IL VERO PERICOLO È AVER PAURA

Proviamo a metterci, per quanto durerà la lettura di queste righe, nei panni di un credente mussulmano. Bene, allora c'è una gran bella notizia per noi. Infatti l'infallibile Corano, parola divina, sostiene che se il nemico arretra - si mostra debole, arrendevole, impaurito - Allah è con noi, ci incoraggia e ci sollecita ad attaccarlo in modi sempre più duri e implacabili fino alla vittoria fatalmente certa. Se dunque siamo credenti (fanatico o moderato, non fa differenza) abbiamo ricevuto da Dio in persona l'assicurazione che l'Europa tutta ha paura - paura fisica - dell'Islam, e sappiamo per innata educazione che al nemico impaurito e arrendevole non bisogna riservare né pietà né considerazione, ma soltanto attacchi ancora più violenti e spietati. E se per un «moderato» ciò vuol dire poco più che aumentare il disprezzo verso gli occidentali e i cristiani in particolare, per un estremista significa rafforzarsi nel sacro diritto-dovere di seminare fra noi morte e distruzione fino alla nostra immancabile caduta, fino alla nostra resa. Significa che ci saranno sempre più estremisti e sempre meno moderati.
Ora torniamo occidentali e cristiani, finalmente, e consideriamo che questa semplice tesi viene confermata da quanto ha comunicato ieri il ministro Fini: i manifestanti, i morti e i feriti di Tripoli non erano tutti libici, fra loro c'erano anche palestinesi, iracheni, afghani eccetera: elementi sparsi non a caso in tutto il mondo arabo e mussulmano per fomentare le folle contro di noi e contro quei governanti che non mostrino sufficiente aggressività verso il nemico occidentale. Gheddafi - oggi - viene considerato uno di questi.

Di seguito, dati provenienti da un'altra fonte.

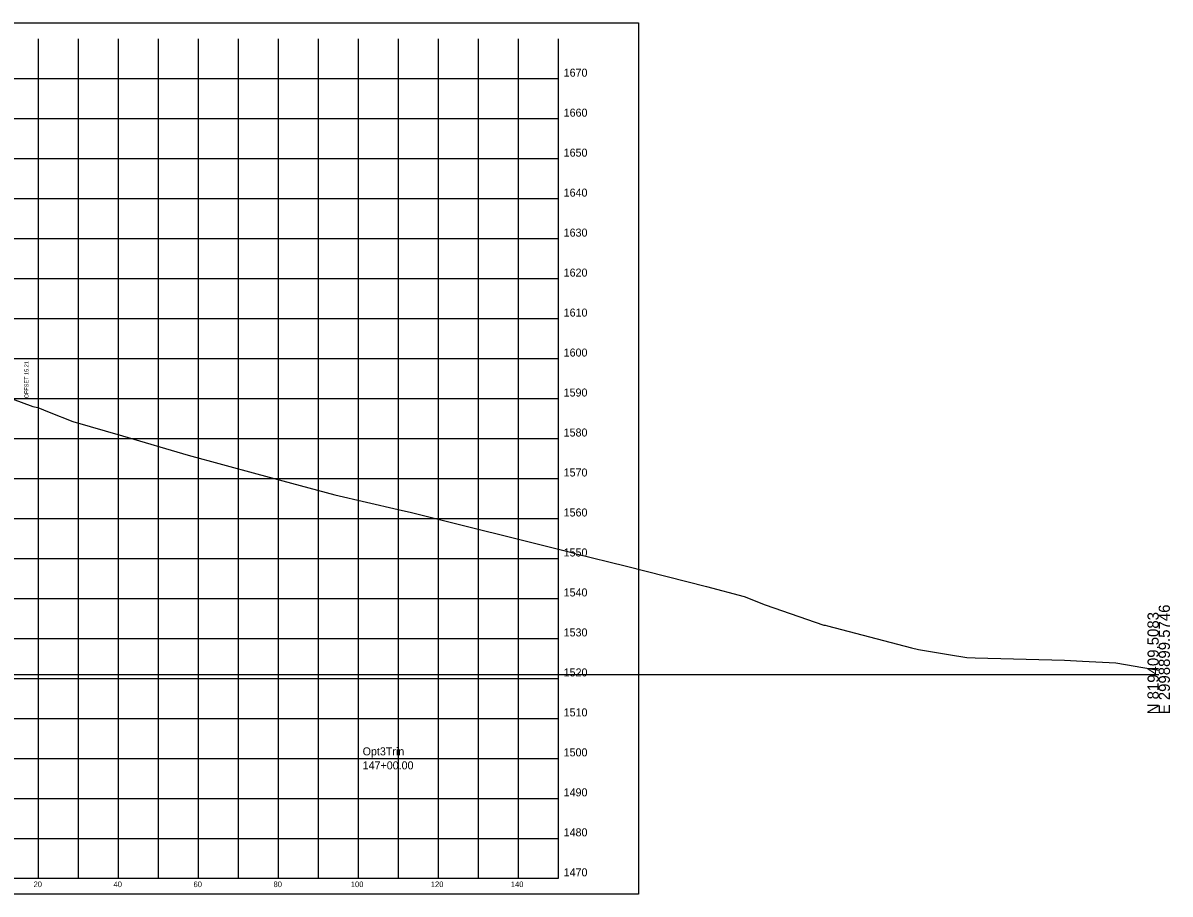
# Model space of a CAD drawing. Extents: x -26 to 603, y -10 to 4805.
# Drawn here: x 316.1 to 602.8, y 1445.1 to 1662.9 of the extents above; entities that cross this region are included whole.
import ezdxf

# ---------------------------------------------------------------- set-up
doc = ezdxf.new("R2010")
doc.units = 0
for name, color, linetype in [('DESIGN - SHEET - Corner Text', 7, 'Continuous'), ('DESIGN - SHEET - Light Grid', 7, 'Continuous'), ('DESIGN - SHEET - Linework', 7, 'Continuous'), ('DESIGN - SHEET - Plot Shape', 7, 'Continuous'), ('DESIGN - TYPICAL - Slope Tie Text', 7, 'Continuous'), ('DESIGN - TYPICAL - Warning Text', 7, 'Continuous'), ('SURVEY - GROUND - Top of Ground', 7, 'Continuous')]:
    doc.layers.add(name, color=color, linetype=linetype)

msp = doc.modelspace()

# ---------------------------------------------------------------- linework, layer by layer
at = {"layer": 'DESIGN - SHEET - Light Grid'}
msp.add_line((300, 1500), (600, 1500), dxfattribs=at)
at = {"layer": 'DESIGN - SHEET - Linework'}
for p, q in [((320, 1449), (320, 1659)), ((330, 1449), (330, 1659)), ((340, 1449), (340, 1659)), ((350, 1449), (350, 1659)), ((360, 1449), (360, 1659)), ((370, 1449), (370, 1659)), ((380, 1449), (380, 1659)), ((390, 1449), (390, 1659)), ((400, 1449), (400, 1659)), ((410, 1449), (410, 1659)), ((420, 1449), (420, 1659)), ((430, 1449), (430, 1659)), ((440, 1449), (440, 1659)), ((150, 1649), (450, 1649)), ((150, 1639), (450, 1639)), ((150, 1629), (450, 1629)), ((150, 1619), (450, 1619)), ((150, 1609), (450, 1609)), ((150, 1599), (450, 1599)), ((150, 1589), (450, 1589)), ((150, 1579), (450, 1579)), ((150, 1569), (450, 1569)), ((150, 1559), (450, 1559)), ((150, 1549), (450, 1549)), ((150, 1539), (450, 1539)), ((150, 1529), (450, 1529)), ((150, 1519), (450, 1519)), ((150, 1509), (450, 1509)), ((150, 1499), (450, 1499)), ((150, 1489), (450, 1489)), ((150, 1479), (450, 1479)), ((150, 1469), (450, 1469)), ((150, 1459), (450, 1459))]:
    msp.add_line(p, q, dxfattribs=at)
msp.add_lwpolyline([(150, 1659), (150, 1449), (450, 1449), (450, 1659)], dxfattribs=at)
at = {"layer": 'DESIGN - SHEET - Plot Shape'}
msp.add_lwpolyline([(130, 1662.94), (470, 1662.94), (470, 1445.06), (130, 1445.06)], close=True, dxfattribs=at)
at = {"layer": 'SURVEY - GROUND - Top of Ground'}
msp.add_line((413.19, 1540.5), (452.97, 1530.56), dxfattribs=at)
for points in [[(311.12, 1569.77), (318.58, 1567.03), (319.81, 1566.72), (322.6, 1565.57), (328.54, 1563.27), (340.98, 1559.71), (357.41, 1554.83), (374.53, 1550.13), (394.07, 1544.88), (409.92, 1541.28), (413.19, 1540.5)], [(452.97, 1530.56), (454.01, 1530.28), (466.94, 1527.05), (486.98, 1522), (496.39, 1519.5), (501.66, 1517.36), (516.28, 1512.33), (516.61, 1512.28), (517.22, 1512.17), (538.2, 1506.63), (539.97, 1506.19), (547.46, 1504.94), (552.03, 1504.22), (554.12, 1504.17), (576.47, 1503.58), (580.96, 1503.34), (589.29, 1502.87), (598.46, 1501.31), (600, 1501.09)]]:
    msp.add_lwpolyline(points, dxfattribs=at)

# ---------------------------------------------------------------- texts
at = {"layer": 'DESIGN - SHEET - Corner Text'}
for s, height, p in [('1670', 2, (451.25, 1649.5)), ('1660', 2, (451.25, 1639.5)), ('1650', 2, (451.25, 1629.5)), ('1640', 2, (451.25, 1619.5)), ('1630', 2, (451.25, 1609.5)), ('1620', 2, (451.25, 1599.5)), ('1610', 2, (451.25, 1589.5)), ('1600', 2, (451.25, 1579.5)), ('1590', 2, (451.25, 1569.5)), ('1580', 2, (451.25, 1559.5)), ('1570', 2, (451.25, 1549.5)), ('1560', 2, (451.25, 1539.5)), ('1550', 2, (451.25, 1529.5)), ('1540', 2, (451.25, 1519.5)), ('1530', 2, (451.25, 1509.5)), ('1520', 2, (451.25, 1499.5)), ('1510', 2, (451.25, 1489.5)), ('1500', 2, (451.25, 1479.5)), ('1490', 2, (451.25, 1469.5)), ('1480', 2, (451.25, 1459.5)), ('1470', 2, (451.25, 1449.5)), ('20', 1.4, (318.74, 1446.8)), ('40', 1.4, (338.74, 1446.8)), ('60', 1.4, (358.74, 1446.8)), ('80', 1.4, (378.74, 1446.8)), ('100', 1.4, (398.06, 1446.8)), ('120', 1.4, (418.06, 1446.8)), ('140', 1.4, (438.06, 1446.8))]:
    msp.add_text(s, height=height, dxfattribs=at).set_placement(p)
at = {"layer": 'DESIGN - SHEET - Light Grid'}
for s, p in [('E 2998899.5746', (602.8, 1490)), ('N 819409.5083', (600, 1490))]:
    msp.add_text(s, height=2.8, rotation=90, dxfattribs=at).set_placement(p)
at = {"layer": 'DESIGN - TYPICAL - Slope Tie Text'}
msp.add_text('OFFSET 15.21', height=1, rotation=90, dxfattribs=at).set_placement((317.46, 1569.06))
at = {"layer": 'DESIGN - TYPICAL - Warning Text'}
for s, p in [('Opt3Trin', (401, 1479.75)), ('147+00.00', (401, 1476.25))]:
    msp.add_text(s, height=2, dxfattribs=at).set_placement(p)

doc.saveas('drawing.dxf')
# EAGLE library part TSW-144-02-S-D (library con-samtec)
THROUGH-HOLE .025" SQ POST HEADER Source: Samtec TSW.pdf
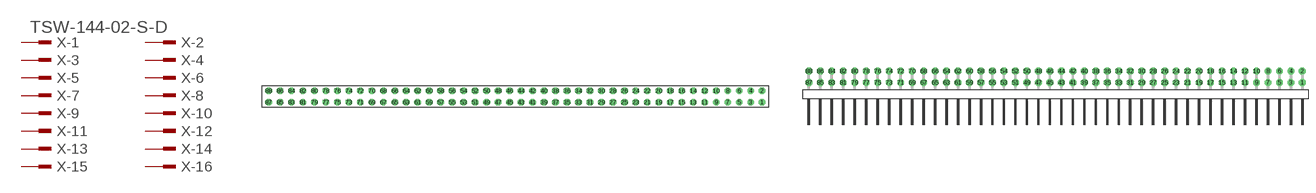
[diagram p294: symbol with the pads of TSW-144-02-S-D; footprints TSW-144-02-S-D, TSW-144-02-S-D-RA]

Designator prefix X; gates -1=MPINV -2=MPIN -3=MPIN -4=MPIN -5=MPIN -6=MPIN -7=MPIN -8=MPIN -9=MPIN -10=MPIN -11=MPIN -12=MPIN -13=MPIN -14=MPIN -15=MPIN -16=MPIN -17=MPIN -18=MPIN -19=MPIN -20=MPIN -21=MPIN -22=MPIN -23=MPIN -24=MPIN -25=MPIN -26=MPIN -27=MPIN -28=MPIN -29=MPIN -30=MPIN -31=MPIN -32=MPIN -33=MPIN -34=MPIN -35=MPIN -36=MPIN -37=MPIN -38=MPIN -39=MPIN -40=MPIN -41=MPIN -42=MPIN -43=MPIN -44=MPIN -45=MPIN -46=MPIN -47=MPIN -48=MPIN -49=MPIN -50=MPIN -51=MPIN -52=MPIN -53=MPIN -54=MPIN -55=MPIN -56=MPIN -57=MPIN -58=MPIN -59=MPIN -60=MPIN -61=MPIN -62=MPIN -63=MPIN -64=MPIN -65=MPIN -66=MPIN -67=MPIN -68=MPIN -69=MPIN -70=MPIN -71=MPIN -72=MPIN -73=MPIN -74=MPIN -75=MPIN -76=MPIN -77=MPIN -78=MPIN -79=MPIN -80=MPIN -81=MPIN -82=MPIN -83=MPIN -84=MPIN -85=MPIN -86=MPIN -87=MPIN -88=MPIN

## TSW-144-02-S-D (OC_FARNELL: unknown; OC_NEWARK: unknown)  [TSW-144-02-S-D]
1  -1:1  pas
2  -2:1  pas
3  -3:1  pas
4  -4:1  pas
5  -5:1  pas
6  -6:1  pas
7  -7:1  pas
8  -8:1  pas
9  -9:1  pas
10  -10:1  pas
11  -11:1  pas
12  -12:1  pas
13  -13:1  pas
14  -14:1  pas
15  -15:1  pas
16  -16:1  pas
17  -17:1  pas
18  -18:1  pas
19  -19:1  pas
20  -20:1  pas
21  -21:1  pas
22  -22:1  pas
23  -23:1  pas
24  -24:1  pas
25  -25:1  pas
26  -26:1  pas
27  -27:1  pas
28  -28:1  pas
29  -29:1  pas
30  -30:1  pas
31  -31:1  pas
32  -32:1  pas
33  -33:1  pas
34  -34:1  pas
35  -35:1  pas
36  -36:1  pas
37  -37:1  pas
38  -38:1  pas
39  -39:1  pas
40  -40:1  pas
41  -41:1  pas
42  -42:1  pas
43  -43:1  pas
44  -44:1  pas
45  -45:1  pas
46  -46:1  pas
47  -47:1  pas
48  -48:1  pas
49  -49:1  pas
50  -50:1  pas
51  -51:1  pas
52  -52:1  pas
53  -53:1  pas
54  -54:1  pas
55  -55:1  pas
56  -56:1  pas
57  -57:1  pas
58  -58:1  pas
59  -59:1  pas
60  -60:1  pas
61  -61:1  pas
62  -62:1  pas
63  -63:1  pas
64  -64:1  pas
65  -65:1  pas
66  -66:1  pas
67  -67:1  pas
68  -68:1  pas
69  -69:1  pas
70  -70:1  pas
71  -71:1  pas
72  -72:1  pas
73  -73:1  pas
74  -74:1  pas
75  -75:1  pas
76  -76:1  pas
77  -77:1  pas
78  -78:1  pas
79  -79:1  pas
80  -80:1  pas
81  -81:1  pas
82  -82:1  pas
83  -83:1  pas
84  -84:1  pas
85  -85:1  pas
86  -86:1  pas
87  -87:1  pas
88  -88:1  pas

## TSW-144-02-S-D-RA (OC_FARNELL: unknown; OC_NEWARK: unknown)  [TSW-144-02-S-D-RA]
Pads as for TSW-144-02-S-D

## Footprint TSW-144-02-S-D (pad centres in mm)
THROUGH-HOLE .025" SQ POST HEADER Source: Samtec TSW.pdf
drill 1 pad 1.5 octagon: 1 54.61,-1.27; 2 54.61,1.27; 3 52.07,-1.27; 4 52.07,1.27; 5 49.53,-1.27; 6 49.53,1.27; 7 46.99,-1.27; 8 46.99,1.27; 9 44.45,-1.27; 10 44.45,1.27; 11 41.91,-1.27; 12 41.91,1.27; 13 39.37,-1.27; 14 39.37,1.27; 15 36.83,-1.27; 16 36.83,1.27; 17 34.29,-1.27; 18 34.29,1.27; 19 31.75,-1.27; 20 31.75,1.27; 21 29.21,-1.27; 22 29.21,1.27; 23 26.67,-1.27; 24 26.67,1.27; 25 24.13,-1.27; 26 24.13,1.27; 27 21.59,-1.27; 28 21.59,1.27; 29 19.05,-1.27; 30 19.05,1.27; 31 16.51,-1.27; 32 16.51,1.27; 33 13.97,-1.27; 34 13.97,1.27; 35 11.43,-1.27; 36 11.43,1.27; 37 8.89,-1.27; 38 8.89,1.27; 39 6.35,-1.27; 40 6.35,1.27; 41 3.81,-1.27; 42 3.81,1.27; 43 1.27,-1.27; 44 1.27,1.27; 45 -1.27,-1.27; 46 -1.27,1.27; 47 -3.81,-1.27; 48 -3.81,1.27; 49 -6.35,-1.27; 50 -6.35,1.27; 51 -8.89,-1.27; 52 -8.89,1.27; 53 -11.43,-1.27; 54 -11.43,1.27; 55 -13.97,-1.27; 56 -13.97,1.27; 57 -16.51,-1.27; 58 -16.51,1.27; 59 -19.05,-1.27; 60 -19.05,1.27; 61 -21.59,-1.27; 62 -21.59,1.27; 63 -24.13,-1.27; 64 -24.13,1.27; 65 -26.67,-1.27; 66 -26.67,1.27; 67 -29.21,-1.27; 68 -29.21,1.27; 69 -31.75,-1.27; 70 -31.75,1.27; 71 -34.29,-1.27; 72 -34.29,1.27; 73 -36.83,-1.27; 74 -36.83,1.27; 75 -39.37,-1.27; 76 -39.37,1.27; 77 -41.91,-1.27; 78 -41.91,1.27; 79 -44.45,-1.27; 80 -44.45,1.27; 81 -46.99,-1.27; 82 -46.99,1.27; 83 -49.53,-1.27; 84 -49.53,1.27; 85 -52.07,-1.27; 86 -52.07,1.27; 87 -54.61,-1.27; 88 -54.61,1.27

## Footprint TSW-144-02-S-D-RA (pad centres in mm)
THROUGH-HOLE .025" SQ POST HEADER Source: Samtec TSW.pdf
drill 1 pad 1.5 octagon: 1 54.61,1.524; 2 54.61,4.064; 3 52.07,1.524; 4 52.07,4.064; 5 49.53,1.524; 6 49.53,4.064; 7 46.99,1.524; 8 46.99,4.064; 9 44.45,1.524; 10 44.45,4.064; 11 41.91,1.524; 12 41.91,4.064; 13 39.37,1.524; 14 39.37,4.064; 15 36.83,1.524; 16 36.83,4.064; 17 34.29,1.524; 18 34.29,4.064; 19 31.75,1.524; 20 31.75,4.064; 21 29.21,1.524; 22 29.21,4.064; 23 26.67,1.524; 24 26.67,4.064; 25 24.13,1.524; 26 24.13,4.064; 27 21.59,1.524; 28 21.59,4.064; 29 19.05,1.524; 30 19.05,4.064; 31 16.51,1.524; 32 16.51,4.064; 33 13.97,1.524; 34 13.97,4.064; 35 11.43,1.524; 36 11.43,4.064; 37 8.89,1.524; 38 8.89,4.064; 39 6.35,1.524; 40 6.35,4.064; 41 3.81,1.524; 42 3.81,4.064; 43 1.27,1.524; 44 1.27,4.064; 45 -1.27,1.524; 46 -1.27,4.064; 47 -3.81,1.524; 48 -3.81,4.064; 49 -6.35,1.524; 50 -6.35,4.064; 51 -8.89,1.524; 52 -8.89,4.064; 53 -11.43,1.524; 54 -11.43,4.064; 55 -13.97,1.524; 56 -13.97,4.064; 57 -16.51,1.524; 58 -16.51,4.064; 59 -19.05,1.524; 60 -19.05,4.064; 61 -21.59,1.524; 62 -21.59,4.064; 63 -24.13,1.524; 64 -24.13,4.064; 65 -26.67,1.524; 66 -26.67,4.064; 67 -29.21,1.524; 68 -29.21,4.064; 69 -31.75,1.524; 70 -31.75,4.064; 71 -34.29,1.524; 72 -34.29,4.064; 73 -36.83,1.524; 74 -36.83,4.064; 75 -39.37,1.524; 76 -39.37,4.064; 77 -41.91,1.524; 78 -41.91,4.064; 79 -44.45,1.524; 80 -44.45,4.064; 81 -46.99,1.524; 82 -46.99,4.064; 83 -49.53,1.524; 84 -49.53,4.064; 85 -52.07,1.524; 86 -52.07,4.064; 87 -54.61,1.524; 88 -54.61,4.064

E se è vero che le manifestazioni in Libia sono state organizzate per colpire lui, è ancora più vero che lo si vuole costringere a tornare all'aggressività di un tempo verso l'Occidente.
È chiaro dunque che c'è in atto un progetto globale di estremizzazione e radicalizzazione del conflitto Islam-Occidente. Questo progetto (bellico, non c'è altra parola per definirlo) si rafforza ogni volta che dimostriamo «comprensione» e cedevolezza. Ogni volta, per esempio, che rinunciamo alla nostra libertà di pensiero ed espressione in favore della loro intolleranza alla libertà di pensiero e di espressione. La nostra libertà vuole che un ministro sia prudente e attento a non provocare problemi politici, ma un disegnatore satirico, uno scrittore, un cittadino non hanno affatto questo obbligo, anzi.
La storia è maestra di vita, diciamo sempre, ed è vero. Ma è anche vero che - poiché si ripresenta in modo sempre diverso - facciamo fatica a capire le sue lezioni e ad agire di conseguenza. Paragonare la situazione attuale con quanto accadde appena settanta anni fa con Hitler non è affatto paradossale, esagerato o irreale. Hitler aveva una buona parte di ragione quando voleva l'Austria perché «tedesca»: e si lasciò che se la prendesse con la forza. Pochi mesi dopo aveva molta ragione in meno, quando voleva i Sudeti: ma visto che l'Europa aveva ceduto su Vienna li pretese lo stesso e lo si lasciò fare anche in Cecoslovacchia. Pochi mesi dopo il Führer aveva ancora meno ragione per il problema di Danzica, ma visto come gli era andata bene fino ad allora pensò di poter aggredire la Polonia e fu la Seconda Guerra Mondiale.
Adesso facciamo un altro piccolo sforzo e sostituiamo alla faccia di Hitler quella - simbolica - di bin Laden: è evidente che, se non si vuole arrivare alla guerra, non bisogna cedere. Oggi la libertà di espressione è la nostra Austria. Non lasciamocela prendere.